São passos bonitos de uma extraordinária aventura da civilização. Essa área da medicina passou por avanços notáveis desde as primeiras experiências efetivas. O primeiro transplante cardíaco feito no Brasil, em 1968, apenas cinco meses depois da operação pioneira na África do Sul, foi conduzido pelo médico Euryclides Zerbini (1912-1993) no Hospital das Clínicas de São Paulo, tendo como paciente João Ferreira da Cunha, o João Boiadeiro, que sofria do mesmo problema de saúde de Faustão. Ou seja, o coração deles havia perdido a capacidade de bombear o sangue para o corpo.
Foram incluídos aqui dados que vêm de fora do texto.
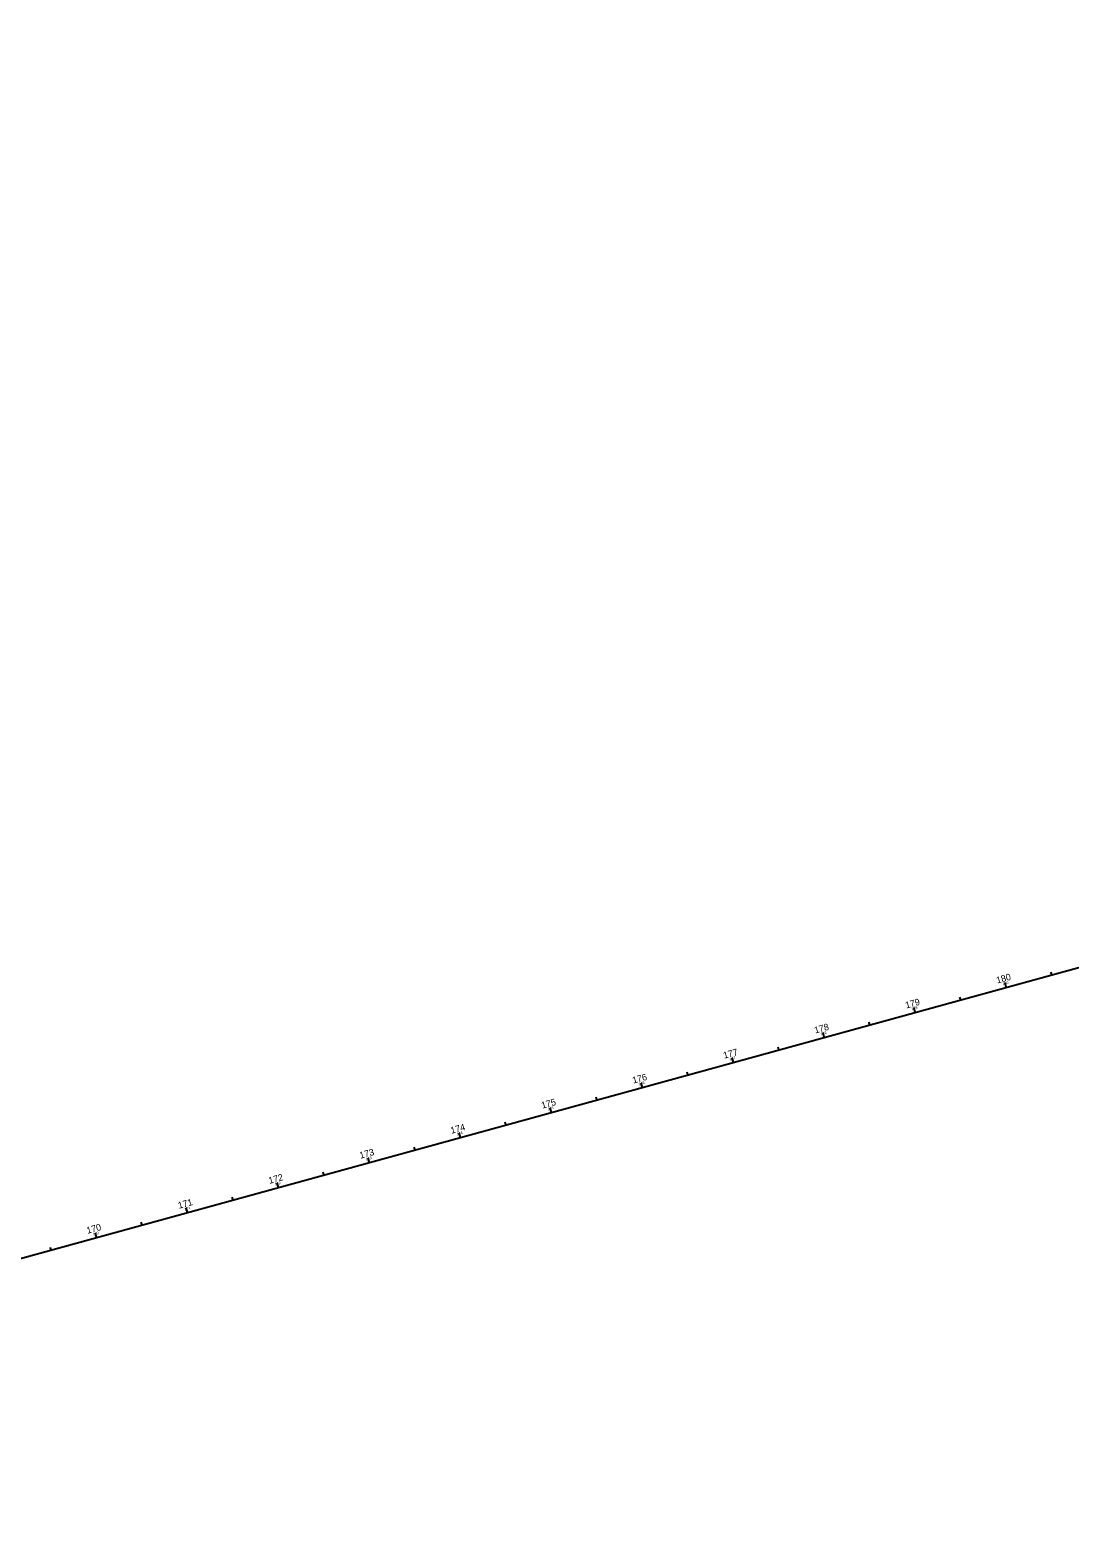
# Model space of a CAD drawing. Extents: x 2129507 to 2138391, y 657622 to 659877.
# Drawn here: x 2130623 to 2131725, y 657717 to 659316 of the extents above; entities that cross this region are included whole.
import ezdxf

# ---------------------------------------------------------------- set-up
doc = ezdxf.new("R2010")
doc.units = 0
for name, color, linetype in [('Default', 7, 'Continuous'), ('GE_X_Alignment_1000_Stations', 7, 'Continuous'), ('GE_X_Alignment_100_Stations', 7, 'Continuous'), ('GE_X_Alignment_500_Stations', 7, 'Continuous'), ('GE_X_CL_20', 7, 'Continuous'), ('MT_P_CL_20', 7, 'Continuous')]:
    doc.layers.add(name, color=color, linetype=linetype)

msp = doc.modelspace()

# ---------------------------------------------------------------- linework, layer by layer
at = {"layer": 'Default'}
for centre in [(2131657.7, 658301), (2131657.7, 658301), (2131657.7, 658301), (2131561.3, 658274.4), (2131464.9, 658247.9), (2131368.5, 658221.4), (2131272.1, 658194.8), (2131175.7, 658168.3), (2131175.7, 658168.3), (2131079.3, 658141.8), (2130982.8, 658115.2), (2130886.4, 658088.7), (2130790, 658062.1), (2130693.6, 658035.6), (2130693.6, 658035.6), (2130693.6, 658035.6)]:
    msp.add_circle(centre, 0.0000833, dxfattribs=at)
at = {"layer": 'GE_X_Alignment_1000_Stations'}
for p, q in [((2131657.7, 658301), (2131656.4, 658305.8)), ((2131175.7, 658168.3), (2131174.9, 658171.2)), ((2130693.6, 658035.6), (2130692.3, 658040.4))]:
    msp.add_line(p, q, dxfattribs=at)
at = {"layer": 'GE_X_Alignment_100_Stations'}
for p, q in [((2131657.7, 658301), (2131656.4, 658305.8)), ((2131706, 658314.2), (2131705.2, 658317.1)), ((2131609.5, 658287.7), (2131608.7, 658290.6)), ((2131561.3, 658274.4), (2131560, 658279.3)), ((2131513.1, 658261.2), (2131512.3, 658264.1)), ((2131464.9, 658247.9), (2131463.6, 658252.7)), ((2131368.5, 658221.4), (2131367.2, 658226.2)), ((2131416.7, 658234.6), (2131415.9, 658237.5)), ((2131320.3, 658208.1), (2131319.5, 658211)), ((2131272.1, 658194.8), (2131270.8, 658199.6)), ((2131223.9, 658181.6), (2131223.1, 658184.5)), ((2131175.7, 658168.3), (2131174.3, 658173.1)), ((2131079.3, 658141.8), (2131077.9, 658146.6)), ((2131127.5, 658155), (2131126.7, 658157.9)), ((2131031.1, 658128.5), (2131030.3, 658131.4)), ((2130982.8, 658115.2), (2130981.5, 658120)), ((2130934.6, 658102), (2130933.8, 658104.8)), ((2130886.4, 658088.7), (2130885.1, 658093.5)), ((2130790, 658062.1), (2130788.7, 658067)), ((2130838.2, 658075.4), (2130837.4, 658078.3)), ((2130741.8, 658048.9), (2130741, 658051.8)), ((2130693.6, 658035.6), (2130692.3, 658040.4)), ((2130645.4, 658022.3), (2130644.6, 658025.2))]:
    msp.add_line(p, q, dxfattribs=at)
at = {"layer": 'GE_X_Alignment_500_Stations'}
for p, q in [((2131657.7, 658301), (2131656.4, 658305.8)), ((2131561.3, 658274.4), (2131560.5, 658277.3)), ((2131464.9, 658247.9), (2131464.1, 658250.8)), ((2131368.5, 658221.4), (2131367.7, 658224.3)), ((2131272.1, 658194.8), (2131271.3, 658197.7)), ((2131175.7, 658168.3), (2131174.3, 658173.1)), ((2131079.3, 658141.8), (2131078.5, 658144.6)), ((2130982.8, 658115.2), (2130982, 658118.1)), ((2130886.4, 658088.7), (2130885.6, 658091.6)), ((2130790, 658062.1), (2130789.2, 658065)), ((2130693.6, 658035.6), (2130692.3, 658040.4))]:
    msp.add_line(p, q, dxfattribs=at)
at = {"layer": 'GE_X_CL_20'}
for p, q in [((2129536.9, 657717.3), (2135344.6, 659315.7)), ((2131706, 658314.2), (2131705.4, 658316.2)), ((2131609.5, 658287.7), (2131609, 658289.6)), ((2131657.7, 658301), (2131657.2, 658302.9)), ((2131561.3, 658274.4), (2131560.8, 658276.4)), ((2131513.1, 658261.2), (2131512.6, 658263.1)), ((2131464.9, 658247.9), (2131464.4, 658249.8)), ((2131416.7, 658234.6), (2131416.2, 658236.6)), ((2131320.3, 658208.1), (2131319.8, 658210)), ((2131368.5, 658221.4), (2131368, 658223.3)), ((2131272.1, 658194.8), (2131271.6, 658196.8)), ((2131223.9, 658181.6), (2131223.3, 658183.5)), ((2131175.7, 658168.3), (2131175.1, 658170.2)), ((2131127.5, 658155), (2131126.9, 658157)), ((2131031.1, 658128.5), (2131030.5, 658130.4)), ((2131079.3, 658141.8), (2131078.7, 658143.7)), ((2130982.8, 658115.2), (2130982.3, 658117.1)), ((2130934.6, 658102), (2130934.1, 658103.9)), ((2130886.4, 658088.7), (2130885.9, 658090.6)), ((2130838.2, 658075.4), (2130837.7, 658077.3)), ((2130741.8, 658048.9), (2130741.3, 658050.8)), ((2130790, 658062.1), (2130789.5, 658064.1)), ((2130693.6, 658035.6), (2130693.1, 658037.5)), ((2130645.4, 658022.3), (2130644.9, 658024.3))]:
    msp.add_line(p, q, dxfattribs=at)
at = {"layer": 'MT_P_CL_20'}
msp.add_line((2129536.9, 657717.3), (2135344.6, 659315.7), dxfattribs=at)

# ---------------------------------------------------------------- texts
at = {"layer": 'GE_X_Alignment_1000_Stations'}
for s, p in [('180', (2131648.2, 658304.9)), ('170', (2130684, 658039.6))]:
    msp.add_text(s, height=7, rotation=15.3886, dxfattribs=at).set_placement(p)
at = {"layer": 'GE_X_Alignment_100_Stations'}
for s, p in [('180', (2131648.2, 658304.9)), ('179', (2131551.8, 658278.4)), ('178', (2131455.3, 658251.9)), ('177', (2131358.8, 658225.2)), ('176', (2131262.5, 658198.8)), ('175', (2131166, 658172.2)), ('174', (2131069.8, 658145.6)), ('173', (2130973.3, 658119.2)), ('172', (2130876.9, 658092.5)), ('171', (2130780.9, 658066.1)), ('170', (2130684, 658039.6))]:
    msp.add_text(s, height=7, rotation=15.3886, dxfattribs=at).set_placement(p)
at = {"layer": 'GE_X_Alignment_500_Stations'}
for s, p in [('180', (2131648.2, 658304.9)), ('175', (2131166, 658172.2)), ('170', (2130684, 658039.6))]:
    msp.add_text(s, height=7, rotation=15.3886, dxfattribs=at).set_placement(p)
at = {"layer": 'GE_X_CL_20'}
for s, p in [('180', (2131654.1, 658303.1)), ('179', (2131557.7, 658276.6)), ('178', (2131461.4, 658250)), ('177', (2131364.8, 658223.5)), ('176', (2131268.5, 658196.9)), ('175', (2131172.1, 658170.4)), ('174', (2131075.7, 658143.9)), ('173', (2130979.2, 658117.3)), ('172', (2130882.8, 658090.8)), ('171', (2130786.9, 658064.4)), ('170', (2130689.9, 658037.7))]:
    msp.add_text(s, height=2.8, rotation=15.3886, dxfattribs=at).set_placement(p)

doc.saveas('drawing.dxf')

Em 55 anos de existência, o programa público de transplantes brasileiro se tornou o maior do planeta. Desde 1997, foram realizados 138 984 procedimentos envolvendo corações, rins, fígados, intestinos, pulmões e afins. Faustão é beneficiário de uma fantasia humana transformada em realidade democrática. Na quinta-feira 31, quando esta edição de VEJA foi finalizada, ele passava bem — ria e falava: “Não é porque tenho dinheiro que estou bem”.